Starfish Software
- Type: 1998–2003: Subsidiary of Motorola; 2003–2006: Subsidiary of Pumatech, Inc. (Intellisync); 2006–2008: Subsidiary of Nokia;
- Industry: Wireless software
- Founded: 1994; 32 years ago
- Headquarters: Santa Cruz, California, U.S.
- Key people: Philippe Kahn, Founder; Sonia Lee, Co-Founder; Gregg Armstrong, CEO;
- Products: TrueSync

= Starfish Software =

Starfish Software was an American software company founded in 1994 in Santa Cruz, California, by Philippe Kahn and Sonia Lee, best known for developing early device-synchronisation technologies, including the first over-the-air synchronisation system, TrueSync, before being acquired by Motorola in 1998 and later by Pumatech in 2003.

==History==

Starfish Software was founded in 1994
by Philippe Kahn and Sonia Lee, as a spin-off from the Simplify business unit from Borland and Kahn's severance from Borland. It was located in Santa Cruz, California.

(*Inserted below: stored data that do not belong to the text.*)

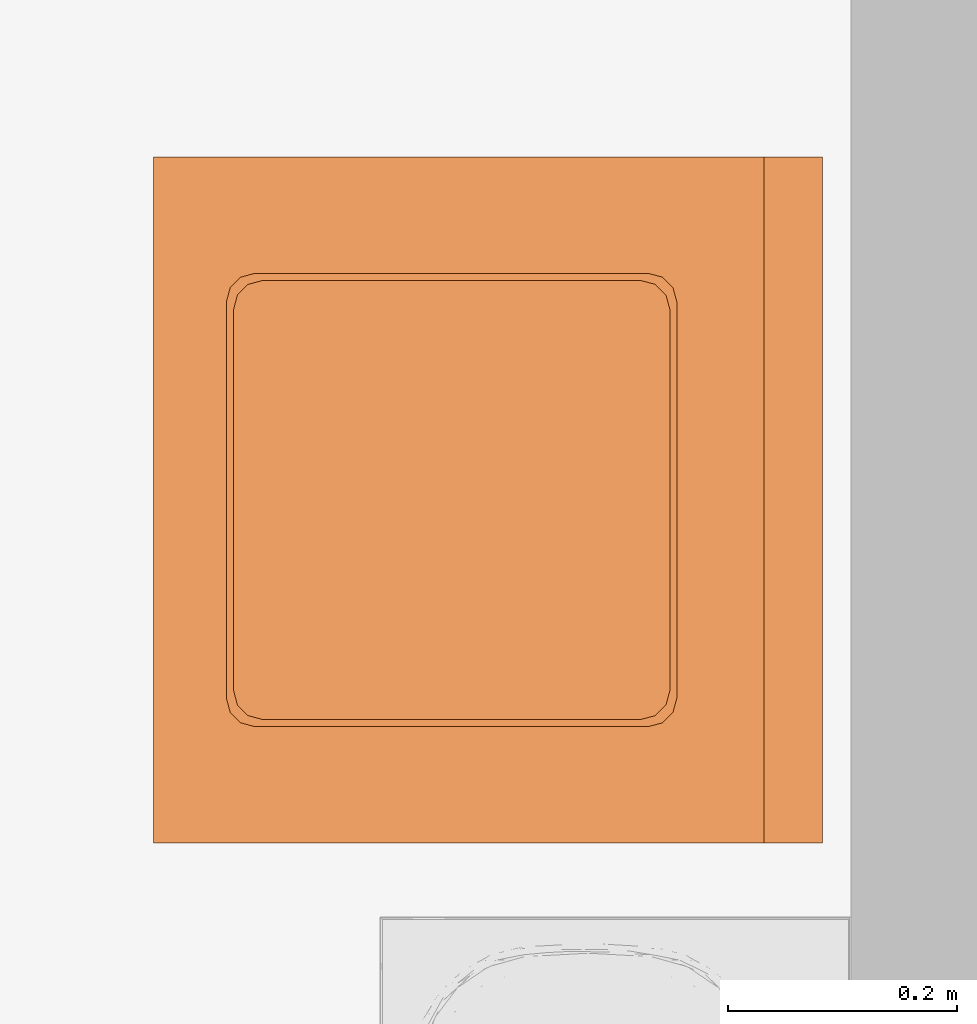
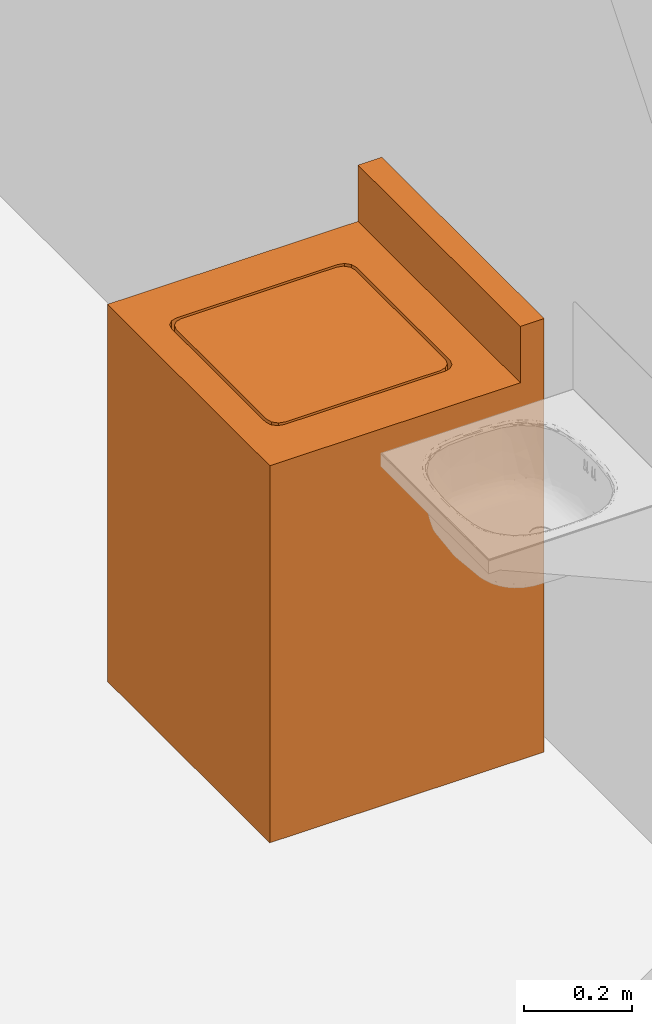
# One storey, part 23 of 23: 1 proxy.
"""IFC2X3 building model written with IfcOpenShell, lengths in millimetres."""

from ifc_helpers import new_model, entity, si_unit, converted_unit, derived_unit, direction, frame, origin, place, context, subcontext, project, spatial, faceted_brep, source, transform, mapped, material, type_object, type_shapes, element, save


model = new_model("IFC2X3")

# Units and contexts
model_context = context("Model", 3, precision=0.01, world=origin(), true_north=direction((6.12303176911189e-17, 1.0)))
body_context = subcontext(model_context, "Body", "Model", "MODEL_VIEW")
ifc_project = project(units=[si_unit("LENGTHUNIT", "METRE", prefix="MILLI"), si_unit("AREAUNIT", "SQUARE_METRE"), si_unit("VOLUMEUNIT", "CUBIC_METRE"), converted_unit("PLANEANGLEUNIT", "DEGREE", entity("IfcRatioMeasure", 0.0174532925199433), si_unit("PLANEANGLEUNIT", "RADIAN"), dimensions=[0, 0, 0, 0, 0, 0, 0]), si_unit("MASSUNIT", "GRAM", prefix="KILO"), derived_unit("MASSDENSITYUNIT", [(si_unit("MASSUNIT", "GRAM", prefix="KILO"), 1), (si_unit("LENGTHUNIT", "METRE"), -3)]), si_unit("TIMEUNIT", "SECOND"), si_unit("FREQUENCYUNIT", "HERTZ"), si_unit("THERMODYNAMICTEMPERATUREUNIT", "DEGREE_CELSIUS"), derived_unit("THERMALTRANSMITTANCEUNIT", [(si_unit("MASSUNIT", "GRAM", prefix="KILO"), 1), (si_unit("THERMODYNAMICTEMPERATUREUNIT", "KELVIN"), -1), (si_unit("TIMEUNIT", "SECOND"), -3)]), derived_unit("VOLUMETRICFLOWRATEUNIT", [(si_unit("LENGTHUNIT", "METRE"), 3), (si_unit("TIMEUNIT", "SECOND"), -1)]), si_unit("ELECTRICCURRENTUNIT", "AMPERE"), si_unit("ELECTRICVOLTAGEUNIT", "VOLT"), si_unit("POWERUNIT", "WATT"), si_unit("FORCEUNIT", "NEWTON", prefix="KILO"), si_unit("ILLUMINANCEUNIT", "LUX"), si_unit("LUMINOUSFLUXUNIT", "LUMEN"), si_unit("LUMINOUSINTENSITYUNIT", "CANDELA"), derived_unit("USERDEFINED", [(si_unit("MASSUNIT", "GRAM", prefix="KILO"), -1), (si_unit("LENGTHUNIT", "METRE"), -2), (si_unit("TIMEUNIT", "SECOND"), 3), (si_unit("LUMINOUSFLUXUNIT", "LUMEN"), 1)]), derived_unit("LINEARVELOCITYUNIT", [(si_unit("LENGTHUNIT", "METRE"), 1), (si_unit("TIMEUNIT", "SECOND"), -1)]), si_unit("PRESSUREUNIT", "PASCAL"), derived_unit("USERDEFINED", [(si_unit("LENGTHUNIT", "METRE"), -2), (si_unit("MASSUNIT", "GRAM", prefix="KILO"), 1), (si_unit("TIMEUNIT", "SECOND"), -2)]), derived_unit("LINEARFORCEUNIT", [(si_unit("MASSUNIT", "GRAM", prefix="KILO"), 1), (si_unit("LENGTHUNIT", "METRE"), 1), (si_unit("TIMEUNIT", "SECOND"), -2), (si_unit("LENGTHUNIT", "METRE"), -1)]), derived_unit("PLANARFORCEUNIT", [(si_unit("MASSUNIT", "GRAM", prefix="KILO"), 1), (si_unit("LENGTHUNIT", "METRE"), 1), (si_unit("TIMEUNIT", "SECOND"), -2), (si_unit("LENGTHUNIT", "METRE"), -2)])], contexts=[model_context])

# Site, building, storey, space
site_placement = place(None, origin())
site = spatial("IfcSite", under=ifc_project, at=site_placement, Name="Default", CompositionType="ELEMENT")
building_placement = place(site_placement, origin())
building = spatial("IfcBuilding", under=site, at=building_placement, Name="SMA ARH", CompositionType="ELEMENT")
storey_placement = place(building_placement, frame((0.0, 0.0, -2800.0)))
storey = spatial("IfcBuildingStorey", under=building, at=storey_placement, Name="0 Sokkel", CompositionType="ELEMENT", Elevation=-2800.0)
space_placement = place(storey_placement, origin())
space = spatial("IfcSpace", under=storey, at=space_placement, Name="0-20", CompositionType="ELEMENT", InteriorOrExteriorSpace="INTERNAL")

# Proxy
ifc_material = material(Name="Metal - Paint Finish - Ivory, Matte")
building_element_proxy_type = type_object("IfcBuildingElementProxyType", Name="M_Washer:600 x 600 x 850mm", PredefinedType="NOTDEFINED", material=ifc_material)
shared_shape = source(origin(), body_context, "Body", "Brep", [
    faceted_brep([(488.647045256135, 438.949999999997, 824.599999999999), (490.348522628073, 432.599999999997, 824.599999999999), (492.05000000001, 426.249999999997, 824.599999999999), (492.05000000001, 95.2499999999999, 824.599999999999), (490.085303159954, 87.9176515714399, 824.599999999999), (488.647045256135, 82.5499999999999, 824.599999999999), (483.998522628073, 77.9014773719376, 824.599999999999), (479.350000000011, 73.252954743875, 824.599999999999), (473.0, 71.5514773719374, 824.599999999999), (466.65000000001, 69.8499999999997, 824.599999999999), (133.35, 69.8499999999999, 824.599999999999), (126.017651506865, 71.8146968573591, 824.599999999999), (120.65, 73.2529547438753, 824.599999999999), (116.001477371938, 77.9014773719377, 824.599999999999), (111.352954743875, 82.5500000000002, 824.599999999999), (109.651477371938, 88.9000000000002, 824.599999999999), (107.95, 95.2500000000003, 824.599999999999), (107.95, 426.249999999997, 824.599999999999), (109.914696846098, 433.582348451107, 824.599999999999), (111.352954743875, 438.949999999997, 824.599999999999), (116.001477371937, 443.598522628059, 824.599999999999), (120.65, 448.247045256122, 824.599999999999), (127.0, 449.948522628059, 824.599999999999), (133.35, 451.649999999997, 824.599999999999), (466.65000000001, 451.649999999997, 824.599999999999), (473.982348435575, 449.685303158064, 824.599999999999), (479.35000000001, 448.247045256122, 824.599999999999), (483.998522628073, 443.598522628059, 824.599999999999), (492.05000000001, 95.2499999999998, 850.0), (492.05000000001, 426.249999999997, 850.0), (490.085303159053, 433.582348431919, 850.0), (488.647045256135, 438.949999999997, 850.0), (483.998522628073, 443.598522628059, 850.0), (479.35000000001, 448.247045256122, 850.0), (473.0, 449.948522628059, 850.0), (466.65000000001, 451.649999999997, 850.0), (133.35, 451.649999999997, 850.0), (127.0, 449.948522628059, 850.0), (120.65, 448.247045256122, 850.0), (116.001477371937, 443.598522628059, 850.0), (111.352954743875, 438.949999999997, 850.0), (109.651477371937, 432.599999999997, 850.0), (107.95, 426.249999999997, 850.0), (107.95, 95.2500000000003, 850.0), (109.651477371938, 88.9000000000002, 850.0), (111.352954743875, 82.5500000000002, 850.0), (116.001477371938, 77.9014773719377, 850.0), (120.65, 73.2529547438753, 850.0), (127.0, 71.5514773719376, 850.0), (133.35, 69.8499999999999, 850.0), (466.65000000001, 69.8499999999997, 850.0), (473.982348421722, 71.8146968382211, 850.0), (479.350000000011, 73.252954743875, 850.0), (483.998522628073, 77.9014773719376, 850.0), (488.647045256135, 82.5499999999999, 850.0), (490.348522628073, 88.9000000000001, 850.0)], [[[0, 1, 2, 3, 4, 5, 6, 7, 8, 9, 10, 11, 12, 13, 14, 15, 16, 17, 18, 19, 20, 21, 22, 23, 24, 25, 26, 27]], [[28, 29, 30, 31, 32, 33, 34, 35, 36, 37, 38, 39, 40, 41, 42, 43, 44, 45, 46, 47, 48, 49, 50, 51, 52, 53, 54, 55]], [[40, 19, 18, 17, 42, 41]], [[21, 20, 19, 40, 39, 38]], [[23, 22, 21, 38, 37, 36]], [[24, 23, 36, 35]], [[33, 26, 25, 24, 35, 34]], [[0, 27, 26, 33, 32, 31]], [[0, 31, 30, 29, 2, 1]], [[3, 2, 29, 28]], [[54, 5, 4, 3, 28, 55]], [[7, 6, 5, 54, 53, 52]], [[7, 52, 51, 50, 9, 8]], [[10, 9, 50, 49]], [[47, 12, 11, 10, 49, 48]], [[46, 45, 14, 13, 12, 47]], [[43, 16, 15, 14, 45, 44]], [[17, 16, 43, 42]]]),
    faceted_brep([(0.0, 534.2, 850.0), (127.0, 457.818630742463, 850.0), (473.0, 457.818630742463, 850.0), (600.0, 534.2, 850.0), (120.649999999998, 456.117153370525, 850.0), (114.299999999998, 454.415675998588, 850.0), (109.651477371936, 449.767153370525, 850.0), (105.002954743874, 445.118630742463, 850.0), (103.564696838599, 439.750979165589, 850.0), (101.599999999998, 432.418630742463, 850.0), (0.0, 0.0, 850.0), (101.599999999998, 88.9000000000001, 850.0), (103.301477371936, 82.5500000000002, 850.0), (105.002954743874, 76.2000000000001, 850.0), (109.651477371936, 71.5514773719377, 850.0), (114.299999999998, 66.9029547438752, 850.0), (119.667651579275, 65.4646968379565, 850.0), (127.0, 63.4999999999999, 850.0), (473.0, 63.4999999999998, 850.0), (600.0, 0.0, 850.0), (498.399999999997, 432.418630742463, 850.0), (498.399999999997, 88.8999999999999, 850.0), (496.435303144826, 81.5676515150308, 850.0), (494.997045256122, 76.1999999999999, 850.0), (490.348522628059, 71.5514773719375, 850.0), (479.349999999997, 65.2014773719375, 850.0), (485.699999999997, 66.9029547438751, 850.0), (480.33234843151, 455.853933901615, 850.0), (485.699999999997, 454.415675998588, 850.0), (490.348522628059, 449.767153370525, 850.0), (494.997045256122, 445.118630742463, 850.0), (496.698522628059, 438.768630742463, 850.0), (600.0, 0.0, 0.0), (0.0, 0.0, 0.0), (0.0, 585.0, 0.0), (600.0, 585.0, 0.0), (0.0, 534.2, 977.0), (0.0, 585.0, 977.0), (600.0, 585.0, 977.0), (600.0, 534.2, 977.0), (127.0, 457.818630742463, 799.199999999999), (119.667651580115, 455.853933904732, 799.199999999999), (114.299999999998, 454.415675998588, 799.199999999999), (109.651477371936, 449.767153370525, 799.199999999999), (105.002954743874, 445.118630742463, 799.199999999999), (103.301477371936, 438.768630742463, 799.199999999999), (101.599999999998, 432.418630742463, 799.199999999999), (101.599999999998, 88.9, 799.199999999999), (103.564696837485, 81.5676515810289, 799.199999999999), (105.002954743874, 76.1999999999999, 799.199999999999), (109.651477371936, 71.5514773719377, 799.199999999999), (114.299999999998, 66.9029547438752, 799.199999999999), (120.649999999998, 65.2014773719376, 799.199999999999), (127.0, 63.4999999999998, 799.199999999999), (473.0, 63.4999999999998, 799.199999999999), (480.332349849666, 65.4646972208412, 799.199999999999), (485.699999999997, 66.9029547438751, 799.199999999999), (490.348522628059, 71.5514773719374, 799.199999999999), (494.997045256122, 76.1999999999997, 799.199999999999), (496.698522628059, 82.5499999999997, 799.199999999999), (498.399999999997, 88.8999999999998, 799.199999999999), (498.399999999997, 432.418630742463, 799.199999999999), (496.435303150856, 439.750979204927, 799.199999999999), (494.997045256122, 445.118630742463, 799.199999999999), (490.348522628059, 449.767153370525, 799.199999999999), (485.699999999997, 454.415675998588, 799.199999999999), (479.349999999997, 456.117153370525, 799.199999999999), (473.0, 457.818630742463, 799.199999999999)], [[[0, 1, 2]], [[2, 3, 0]], [[0, 4, 1]], [[0, 5, 4]], [[0, 6, 5]], [[0, 7, 6]], [[0, 8, 7]], [[0, 9, 8]], [[0, 10, 9]], [[11, 9, 10]], [[10, 12, 11]], [[10, 13, 12]], [[10, 14, 13]], [[10, 15, 14]], [[10, 16, 15]], [[10, 17, 16]], [[17, 10, 18]], [[19, 18, 10]], [[3, 20, 19]], [[21, 19, 20]], [[19, 21, 22]], [[19, 22, 23]], [[19, 23, 24]], [[19, 25, 18]], [[19, 26, 25]], [[19, 24, 26]], [[3, 2, 27]], [[3, 27, 28]], [[3, 28, 29]], [[3, 29, 30]], [[3, 30, 31]], [[3, 31, 20]], [[32, 33, 34, 35]], [[0, 36, 37, 34, 33, 10]], [[19, 10, 33, 32]], [[3, 19, 32, 35, 38, 39]], [[37, 38, 35, 34]], [[36, 0, 3, 39]], [[37, 36, 39, 38]], [[40, 41, 42, 43, 44, 45, 46, 47, 48, 49, 50, 51, 52, 53, 54, 55, 56, 57, 58, 59, 60, 61, 62, 63, 64, 65, 66, 67]], [[67, 2, 1, 40]], [[42, 41, 40, 1, 4, 5]], [[44, 43, 42, 5, 6, 7]], [[9, 46, 45, 44, 7, 8]], [[46, 9, 11, 47]], [[49, 48, 47, 11, 12, 13]], [[51, 50, 49, 13, 14, 15]], [[17, 53, 52, 51, 15, 16]], [[53, 17, 18, 54]], [[56, 55, 54, 18, 25, 26]], [[58, 57, 56, 26, 24, 23]], [[21, 60, 59, 58, 23, 22]], [[60, 21, 20, 61]], [[63, 62, 61, 20, 31, 30]], [[65, 64, 63, 30, 29, 28]], [[2, 67, 66, 65, 28, 27]]]),
])
type_shapes(building_element_proxy_type, [shared_shape])
proxy_placement = place(space_placement, frame((30960.0, 9755.0, 0.0), z_axis=(0.0, 0.0, 1.0), x_axis=(0.0, -1.0, 0.0)))
element("IfcBuildingElementProxy", 1, at=proxy_placement, inside=space, type_object=building_element_proxy_type, material=ifc_material, Name="M_Washer:600 x 600 x 850mm", ObjectType="M_Washer:600 x 600 x 850mm", context=body_context, shape_type="MappedRepresentation", body=[
    mapped(shared_shape, transform((0.0, 0.0, 0.0), scale=1.0)),
])

save(model, "model.ifc")

Starfish developed intellectual property for device synchronization, especially for wireless devices. TrueSync was the first over-the-air synchronization system. Starfish was acquired by Motorola for $325 million in 1998.
The outspoken founding couple founded another company, LightSurf, in the same year, to develop mobile phone photograph technology.

In 2000, the company helped start the SyncML Initiative to standardize synchronization communication protocols.
In March 2003, Starfish was acquired by Pumatech in San Jose, California, which was headed by turn-around CEO Woodson Hobbs. Pumatech later changed its name to Intellisync, and was acquired by Nokia in 2005.